**What to produce:** Begin with the line holding "[diagram: same view" and end with the last line of the records below. Set down exactly those lines and leave out every picture.

※ ※ ※

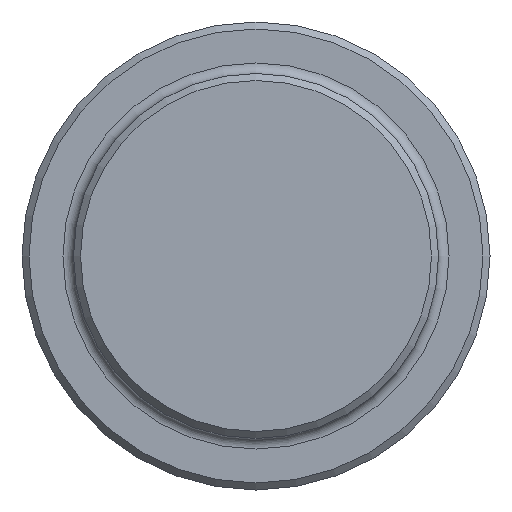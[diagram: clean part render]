
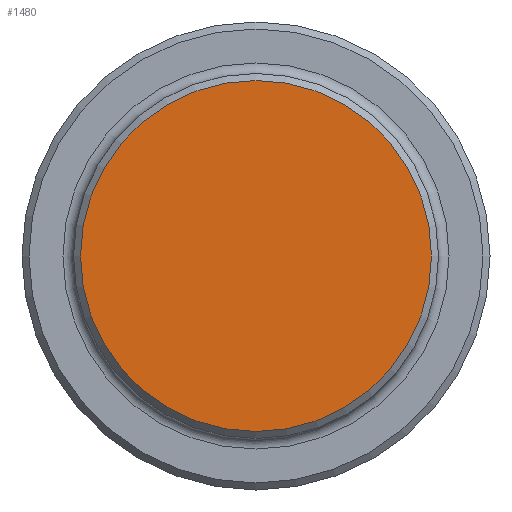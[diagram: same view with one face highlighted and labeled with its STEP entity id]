
A CAD part, left-side view. The second image highlights one B-rep face of the part: STEP entity #1480.
In plain terms, the highlighted planar face has unit normal (-1, 0, 0).
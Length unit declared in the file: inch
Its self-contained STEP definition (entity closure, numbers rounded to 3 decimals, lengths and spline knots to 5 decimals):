
#3 = AXIS2_PLACEMENT_3D ( 'NONE', #1107, #587, #1692 ) ;
#21 = CARTESIAN_POINT ( 'NONE',  ( 0., 0., 0. ) ) ;
#532 = CIRCLE ( 'NONE', #1688, 1.5 ) ;
#587 = DIRECTION ( 'NONE',  ( 1., 0., 0. ) ) ;
#704 = PLANE ( 'NONE',  #3 ) ;
#854 = DIRECTION ( 'NONE',  ( 0., 0., -1. ) ) ;
#1036 = DIRECTION ( 'NONE',  ( -1., 0., 0. ) ) ;
#1107 = CARTESIAN_POINT ( 'NONE',  ( 0., 0., 0. ) ) ;
#1126 = EDGE_CURVE ( 'NONE', #1349, #1349, #532, .T. ) ;
#1241 = ORIENTED_EDGE ( 'NONE', *, *, #1126, .T. ) ;
#1349 = VERTEX_POINT ( 'NONE', #1419 ) ;
#1419 = CARTESIAN_POINT ( 'NONE',  ( 0., 0., -1.5 ) ) ;
#1480 = ADVANCED_FACE ( 'NONE', ( #1722 ), #704, .F. ) ;
#1688 = AXIS2_PLACEMENT_3D ( 'NONE', #21, #1036, #854 ) ;
#1692 = DIRECTION ( 'NONE',  ( 0., 0., -1. ) ) ;
#1722 = FACE_OUTER_BOUND ( 'NONE', #1761, .T. ) ;
#1761 = EDGE_LOOP ( 'NONE', ( #1241 ) ) ;

※ ※ ※

**Finished exercise:**
[diagram: same view with one face highlighted and labeled with its STEP entity id]
A CAD part, left-side view. The second image highlights one B-rep face of the part: STEP entity #1480.
In plain terms, the highlighted planar face has unit normal (-1, 0, 0).
Length unit declared in the file: inch
Its self-contained STEP definition (entity closure, numbers rounded to 3 decimals, lengths and spline knots to 5 decimals):
#3 = AXIS2_PLACEMENT_3D ( 'NONE', #1107, #587, #1692 ) ;
#21 = CARTESIAN_POINT ( 'NONE',  ( 0., 0., 0. ) ) ;
#532 = CIRCLE ( 'NONE', #1688, 1.5 ) ;
#587 = DIRECTION ( 'NONE',  ( 1., 0., 0. ) ) ;
#704 = PLANE ( 'NONE',  #3 ) ;
#854 = DIRECTION ( 'NONE',  ( 0., 0., -1. ) ) ;
#1036 = DIRECTION ( 'NONE',  ( -1., 0., 0. ) ) ;
#1107 = CARTESIAN_POINT ( 'NONE',  ( 0., 0., 0. ) ) ;
#1126 = EDGE_CURVE ( 'NONE', #1349, #1349, #532, .T. ) ;
#1241 = ORIENTED_EDGE ( 'NONE', *, *, #1126, .T. ) ;
#1349 = VERTEX_POINT ( 'NONE', #1419 ) ;
#1419 = CARTESIAN_POINT ( 'NONE',  ( 0., 0., -1.5 ) ) ;
#1480 = ADVANCED_FACE ( 'NONE', ( #1722 ), #704, .F. ) ;
#1688 = AXIS2_PLACEMENT_3D ( 'NONE', #21, #1036, #854 ) ;
#1692 = DIRECTION ( 'NONE',  ( 0., 0., -1. ) ) ;
#1722 = FACE_OUTER_BOUND ( 'NONE', #1761, .T. ) ;
#1761 = EDGE_LOOP ( 'NONE', ( #1241 ) ) ;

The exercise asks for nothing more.